Question #67549

You are provided with the thermochemical equation that describes the dissociation of sodium hydroxide into its constituent ions when dissolved in water.

#"NaOH"_ ((s)) -> "Na"_ ((aq))^(+) + "OH"_ ((aq))^(-), " " DeltaH_"rxn" = - "46.80 kJ mol"^(-1)#

In this case, the enthalpy change of reaction is essentially the enthalpy change of solution of sodium hydroxide, i.e. the change in enthalpy that occurs when sodium hydroxide is dissolved in water at constant pressure to get an infinite dilution.

The enthalpy change of solution tells you that when #1# mole of sodium hydroxide dissolves in water, #"46.80 kJ"# of heat are being given off.

Notice that you have

#DeltaH_"rxn" = - "46.80 kJ mol"^(-1)#

The minus sign is used here to show that heat is being given off.

So, what would happen if you were to dissolve #4# moles of sodium hydroxide in water?

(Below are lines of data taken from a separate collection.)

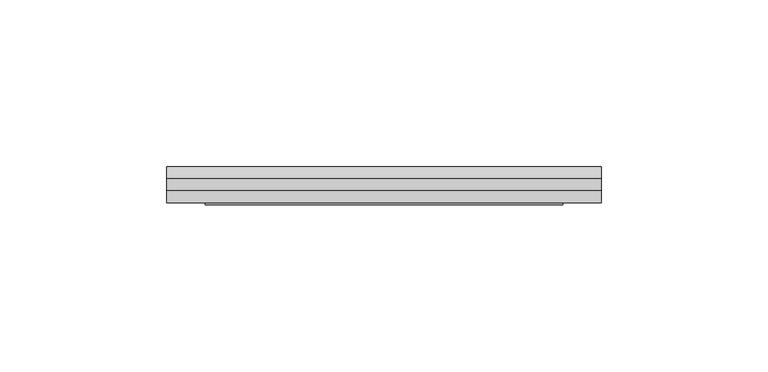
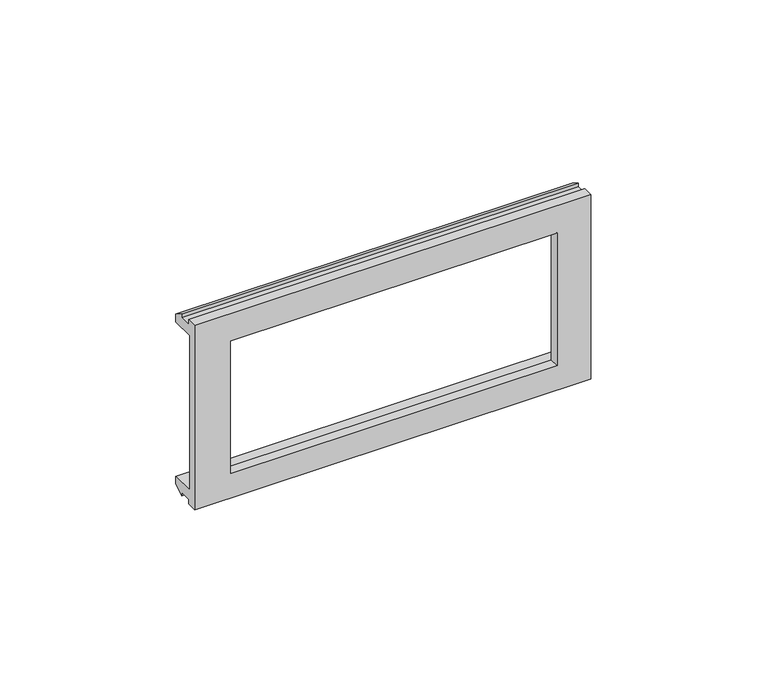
"""IFC4 building model written with IfcOpenShell, lengths in millimetres: proxy geometry."""

from ifc_helpers import new_model, si_unit, frame, origin, place, context, project, spatial, polyline, circle_curve, source, transform, mapped, element, save
from ifc_brep_helpers import plane_surface, cylinder_surface, revolved_surface, advanced_brep


def electrical_fixtures_c6ee2e83(model_context):
    return source(origin(), model_context, "Body", "AdvancedBrep", [
        advanced_brep(
        [(65.0, -3.5, 32.0), (65.0, -3.5, -32.0), (65.0, 0.0, -32.0), (65.0, -0.1920215, -30.3542211), (65.0, 3.8395952, -30.3542211), (65.0, 3.8395952, -31.5769261), (65.0, 7.1871999, -29.457495), (65.0, 7.1871999, -26.8043792), (65.0, -0.5712834, -26.8043792), (65.0, -0.5712834, 26.8043792), (65.0, 7.1871999, 26.8043792), (65.0, 7.1871999, 29.457495), (65.0, 3.8395952, 31.5769261), (65.0, 3.8395952, 30.3542211), (65.0, -0.1920215, 30.3542211), (65.0, 0.0, 32.0), (-65.0, -3.5, 32.0), (-65.0, 0.0, 32.0), (-65.0, -0.1920215, 30.3542211), (-65.0, 3.8395952, 30.3542211), (-65.0, 3.8395952, 31.5769261), (-65.0, 7.1871999, 29.457495), (-65.0, 7.1871999, 26.8043792), (-65.0, -0.5712834, 26.8043792), (-65.0, -0.5712834, -26.8043792), (-65.0, 7.1871999, -26.8043792), (-65.0, 7.1871999, -29.457495), (-65.0, 3.8395952, -31.5769261), (-65.0, 3.8395952, -30.3542211), (-65.0, -0.1920215, -30.3542211), (-65.0, 0.0, -32.0), (-65.0, -3.5, -32.0), (53.5, -4.1351573, 23.0), (53.5, -4.1351573, -23.0), (-53.5, -4.1351573, -23.0), (-53.5, -4.1351573, 23.0), (53.5, -0.9249591, -23.0), (53.5, -0.9249591, 23.0), (-53.5, -0.9249591, 23.0), (-53.5, -0.9249591, -23.0)],
        [
            (0, 1, circle_curve(frame((65.0, 385.8496712, 0.0), z_axis=(1.0, 0.0, 0.0), x_axis=(0.0, 1.0, 0.0)), 390.6624713)),
            (1, 2),
            (2, 3, circle_curve(frame((65.0, 267.1169132, 0.0), z_axis=(-1.0, 0.0, 0.0), x_axis=(0.0, 1.0, 0.0)), 269.0268487)),
            (3, 4),
            (4, 5),
            (5, 6),
            (6, 7),
            (7, 8),
            (8, 9, circle_curve(frame((65.0, 267.1169132, 0.0), z_axis=(-1.0, 0.0, 0.0), x_axis=(0.0, 1.0, 0.0)), 269.0268487)),
            (9, 10),
            (10, 11),
            (11, 12),
            (12, 13),
            (13, 14),
            (14, 15, circle_curve(frame((65.0, 267.1169132, 0.0), z_axis=(-1.0, 0.0, 0.0), x_axis=(0.0, 1.0, 0.0)), 269.0268487)),
            (15, 0),
            (16, 17),
            (17, 18, circle_curve(frame((-65.0, 267.1169132, 0.0), z_axis=(1.0, 0.0, 0.0), x_axis=(0.0, 1.0, 0.0)), 269.0268487)),
            (18, 19),
            (19, 20),
            (20, 21),
            (21, 22),
            (22, 23),
            (23, 24, circle_curve(frame((-65.0, 267.1169132, 0.0), z_axis=(1.0, 0.0, 0.0), x_axis=(0.0, 1.0, 0.0)), 269.0268487)),
            (24, 25),
            (25, 26),
            (26, 27),
            (27, 28),
            (28, 29),
            (29, 30, circle_curve(frame((-65.0, 267.1169132, 0.0), z_axis=(1.0, 0.0, 0.0), x_axis=(0.0, 1.0, 0.0)), 269.0268487)),
            (30, 31),
            (31, 16, circle_curve(frame((-65.0, 385.8496712, 0.0), z_axis=(-1.0, 0.0, 0.0), x_axis=(0.0, 1.0, 0.0)), 390.6624713)),
            (0, 16),
            (31, 1),
            (32, 33, circle_curve(frame((53.5, 385.8496712, 0.0), z_axis=(1.0, 0.0, 0.0), x_axis=(0.0, 1.0, 0.0)), 390.6624713)),
            (33, 34),
            (34, 35, circle_curve(frame((-53.5, 385.8496712, 0.0), z_axis=(-1.0, 0.0, 0.0), x_axis=(0.0, 1.0, 0.0)), 390.6624713)),
            (35, 32),
            (30, 2),
            (29, 3),
            (15, 17),
            (36, 33),
            (32, 37),
            (37, 36, circle_curve(frame((53.5, 267.1169132, 0.0), z_axis=(1.0, 0.0, 0.0), x_axis=(0.0, 1.0, 0.0)), 269.0268487)),
            (35, 38),
            (38, 37),
            (34, 39),
            (39, 38, circle_curve(frame((-53.5, 267.1169132, 0.0), z_axis=(-1.0, 0.0, 0.0), x_axis=(0.0, 1.0, 0.0)), 269.0268487)),
            (36, 39),
            (28, 4),
            (27, 5),
            (26, 6),
            (25, 7),
            (24, 8),
            (23, 9),
            (22, 10),
            (21, 11),
            (20, 12),
            (19, 13),
            (18, 14),
        ],
        [
            plane_surface(frame((65.0, 776.5121425, 0.0), z_axis=(1.0, 0.0, 0.0), x_axis=(0.0, 0.0, 1.0))),
            plane_surface(frame((-65.0, 776.5121425, 0.0), z_axis=(-1.0, 0.0, 0.0), x_axis=(0.0, 0.0, -1.0))),
            cylinder_surface(frame((-65.0, 385.8496712, 0.0), z_axis=(1.0, 0.0, 0.0), x_axis=(0.0, 1.0, 0.0)), 390.6624713),
            plane_surface(frame((65.0, -3.5, -32.0), z_axis=(0.0, 0.0, -1.0), x_axis=(-1.0, 0.0, 0.0))),
            revolved_surface(polyline([(-65.0, 536.1437619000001, 0.0), (65.0, 536.1437619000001, 0.0)]), (-65.0, 267.1169132, 0.0), (-1.0, 0.0, 0.0)),
            plane_surface(frame((65.0, 0.0, 32.0), z_axis=(0.0, 0.0, 1.0), x_axis=(-1.0, 0.0, 0.0))),
            plane_surface(frame((53.5, -5.8409784, -23.0), z_axis=(-1.0, 0.0, 0.0), x_axis=(0.0, 1.0, 0.0))),
            plane_surface(frame((53.5, -5.8409784, 23.0), z_axis=(0.0, 0.0, -1.0), x_axis=(0.0, 1.0, 0.0))),
            plane_surface(frame((-53.5, -5.8409784, 23.0), z_axis=(1.0, 0.0, 0.0), x_axis=(0.0, 1.0, 0.0))),
            plane_surface(frame((-53.5, -5.8409784, -23.0), z_axis=(0.0, 0.0, 1.0), x_axis=(0.0, 1.0, 0.0))),
            plane_surface(frame((65.0, -0.1920215, -30.3542211), z_axis=(0.0, 0.0, -1.0), x_axis=(-1.0, 0.0, 0.0))),
            plane_surface(frame((65.0, 3.8395952, -30.3542211), z_axis=(0.0, -1.0, 0.0), x_axis=(-1.0, 0.0, 0.0))),
            plane_surface(frame((65.0, 3.8395952, -31.5769261), z_axis=(0.0, 0.5349226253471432, -0.8449010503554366), x_axis=(-1.0, 0.0, 0.0))),
            plane_surface(frame((65.0, 7.1871999, -29.457495), z_axis=(0.0, 1.0, 0.0), x_axis=(-1.0, 0.0, 0.0))),
            plane_surface(frame((65.0, 7.1871999, -26.8043792), z_axis=(0.0, 0.0, 1.0), x_axis=(-1.0, 0.0, 0.0))),
            plane_surface(frame((65.0, -0.5712834, 26.8043792), z_axis=(0.0, 0.0, -1.0), x_axis=(-1.0, 0.0, 0.0))),
            plane_surface(frame((65.0, 7.1871999, 26.8043792), z_axis=(0.0, 1.0, 0.0), x_axis=(-1.0, 0.0, 0.0))),
            plane_surface(frame((65.0, 7.1871999, 29.457495), z_axis=(0.0, 0.5349226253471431, 0.8449010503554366), x_axis=(-1.0, 0.0, 0.0))),
            plane_surface(frame((65.0, 3.8395952, 31.5769261), z_axis=(0.0, -1.0, 0.0), x_axis=(-1.0, 0.0, 0.0))),
            plane_surface(frame((65.0, 3.8395952, 30.3542211), z_axis=(0.0, 0.0, 1.0), x_axis=(-1.0, 0.0, 0.0))),
        ],
        [
            (0, [[1, 2, 3, 4, 5, 6, 7, 8, 9, 10, 11, 12, 13, 14, 15, 16]]),
            (1, [[17, 18, 19, 20, 21, 22, 23, 24, 25, 26, 27, 28, 29, 30, 31, 32]]),
            (2, [[-1, 33, -32, 34], [35, 36, 37, 38]]),
            (3, [[-2, -34, -31, 39]]),
            (4, [[-3, -39, -30, 40]]),
            (5, [[-16, 41, -17, -33]]),
            (6, [[42, -35, 43, 44]]),
            (7, [[-43, -38, 45, 46]]),
            (8, [[-45, -37, 47, 48]]),
            (9, [[-42, 49, -47, -36]]),
            (10, [[-4, -40, -29, 50]]),
            (11, [[-5, -50, -28, 51]]),
            (12, [[-6, -51, -27, 52]]),
            (13, [[-7, -52, -26, 53]]),
            (14, [[-8, -53, -25, 54]]),
            (4, [[-9, -54, -24, 55], [-44, -46, -48, -49]]),
            (15, [[-10, -55, -23, 56]]),
            (16, [[-11, -56, -22, 57]]),
            (17, [[-12, -57, -21, 58]]),
            (18, [[-13, -58, -20, 59]]),
            (19, [[-14, -59, -19, 60]]),
            (4, [[-15, -60, -18, -41]]),
        ],
    ),
    ])


if __name__ == "__main__":
    model = new_model("IFC4")
    model_context = context("Model", 3, world=origin())
    ifc_project = project(units=[si_unit("LENGTHUNIT", "METRE", prefix="MILLI")], contexts=[model_context])
    site = spatial("IfcSite", under=ifc_project)
    building = spatial("IfcBuilding", under=site)
    placement = place(None, origin())
    electrical_fixtures_shape = electrical_fixtures_c6ee2e83(model_context)
    element("IfcBuildingElementProxy", 1, Name="Electrical Fixtures", at=placement, inside=building, context=model_context, shape_type="MappedRepresentation", body=[
        mapped(electrical_fixtures_shape, transform((0.0, 0.0, 0.0), x_axis=(1.0, 0.0, 0.0), y_axis=(0.0, 1.0, 0.0), z_axis=(0.0, 0.0, 1.0))),
    ])
    save(model, "model.ifc")

Since you know that #1# mole of sodium hydroxide releases #"46.80 kJ"# of heat when dissolved in water, you can say that using #4# times as many moles will cause

#4 color(red)(cancel(color(black)("moles NaOH"))) * overbrace("46.80 kJ"/(1color(red)(cancel(color(black)("mole NaOH")))))^(color(blue)(= DeltaH_"rxn")) = "187.2 kJ"#

of heat to be released. This implies that the enthalpy change of reaction when #4# moles of sodium hydroxide are dissolved in water will be

#DeltaH_"rxn 4 moles" = - "187.2 kJ"#

Once again, we use the minus sign to show that heat is being given off.

So regardless on how many grams of sodium hydroxide you have, you can say that using #4# times as much sodium hydroxide will cause the reaction to give off #4# times as much heat.